- _Task directions_
Copy each line of the records that includes "Materials".

- _Given records_
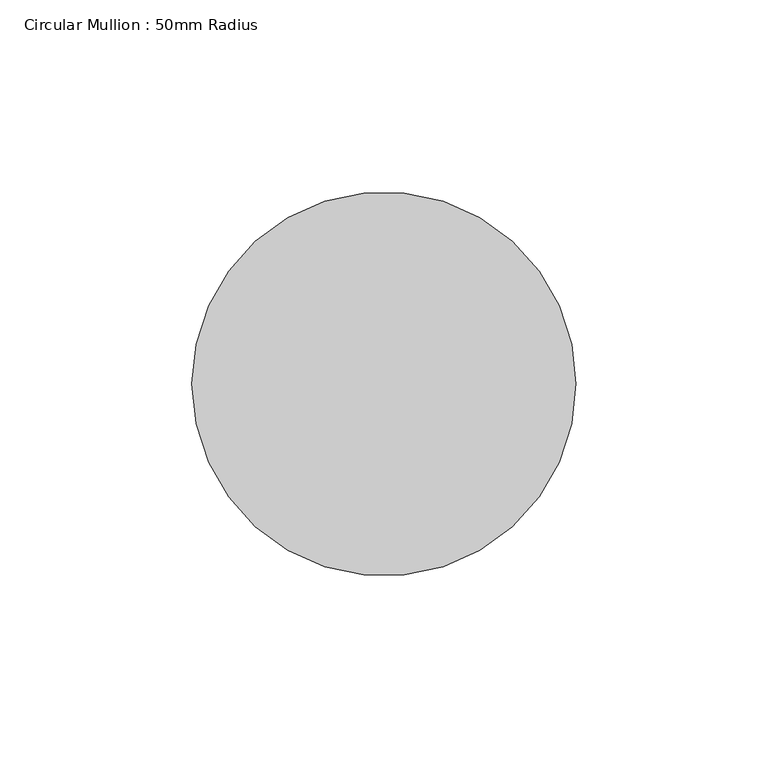
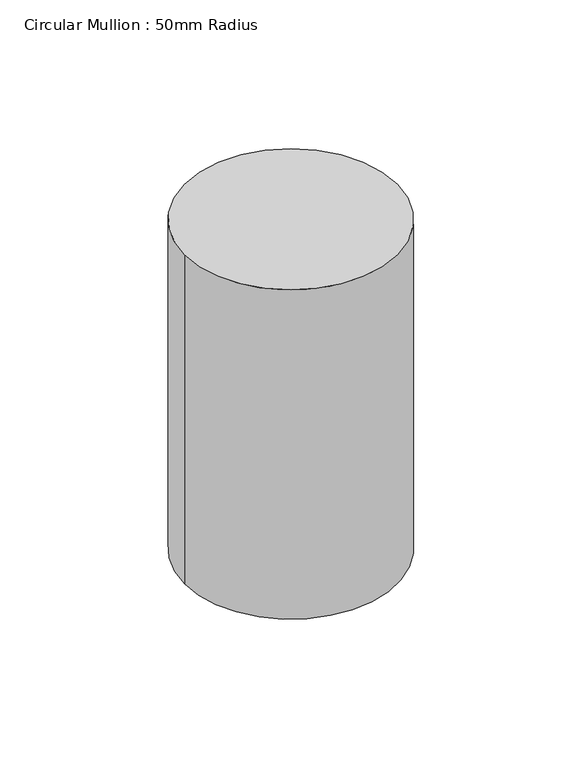
"""IFC4 building model written with IfcOpenShell, lengths in millimetres: member geometry, Circular Mullion : 50mm Radius."""

from ifc_helpers import new_model, si_unit, point, frame, origin, origin_2d, place, context, project, spatial, circle_curve, trimmed, segment, composite_curve, outline, extrude, source, transform, mapped, element, save


def circular_mullion_50mm_radius_9ead6e7c(model_context):
    return source(origin(), model_context, "Body", "SweptSolid", [
        extrude(outline(composite_curve([segment(trimmed(circle_curve(origin_2d(), 50.0), [point((50.0, 0.0))], [point((-50.0, 0.0))], False, "CARTESIAN"), True, "CONTINUOUS"), segment(trimmed(circle_curve(origin_2d(), 50.0), [point((-50.0, 0.0))], [point((50.0, 0.0))], False, "CARTESIAN"), True, "CONTINUOUS")], self_intersect=False)), frame((0.0, 0.0, -163.3568527), z_axis=(0.0, 0.0, 1.0), x_axis=(1.0, 0.0, 0.0)), (0.0, 0.0, 1.0), 163.3568527),
    ])


if __name__ == "__main__":
    model = new_model("IFC4")
    model_context = context("Model", 3, world=origin())
    ifc_project = project(units=[si_unit("LENGTHUNIT", "METRE", prefix="MILLI")], contexts=[model_context])
    site = spatial("IfcSite", under=ifc_project)
    building = spatial("IfcBuilding", under=site)
    placement = place(None, origin())
    circular_mullion_50mm_radius_shape = circular_mullion_50mm_radius_9ead6e7c(model_context)
    element("IfcMember", 1, ObjectType="Circular Mullion : 50mm Radius", at=placement, inside=building, context=model_context, shape_type="MappedRepresentation", body=[
        mapped(circular_mullion_50mm_radius_shape, transform((0.0, 0.0, 0.0), x_axis=(1.0, 0.0, 0.0), y_axis=(0.0, 1.0, 0.0), z_axis=(0.0, 0.0, 1.0))),
    ])
    save(model, "model.ifc")

# Revit data of these elements
# Type "Circular Mullion : 50mm Radius"
#   built-in parameter 1007350 = 0.164042 (stored number, unit not read)
# Element 1 (IfcMember, "Circular Mullion : 50mm Radius")
#   Materials on its faces: "Aluminium"
# Materials
#   "Aluminium": class "Metal", colour RGB 247 247 247, transparency 0, Description = "Aluminium 6061", Cost = 0

- _Response below_
#   Materials on its faces: "Aluminium"
# Materials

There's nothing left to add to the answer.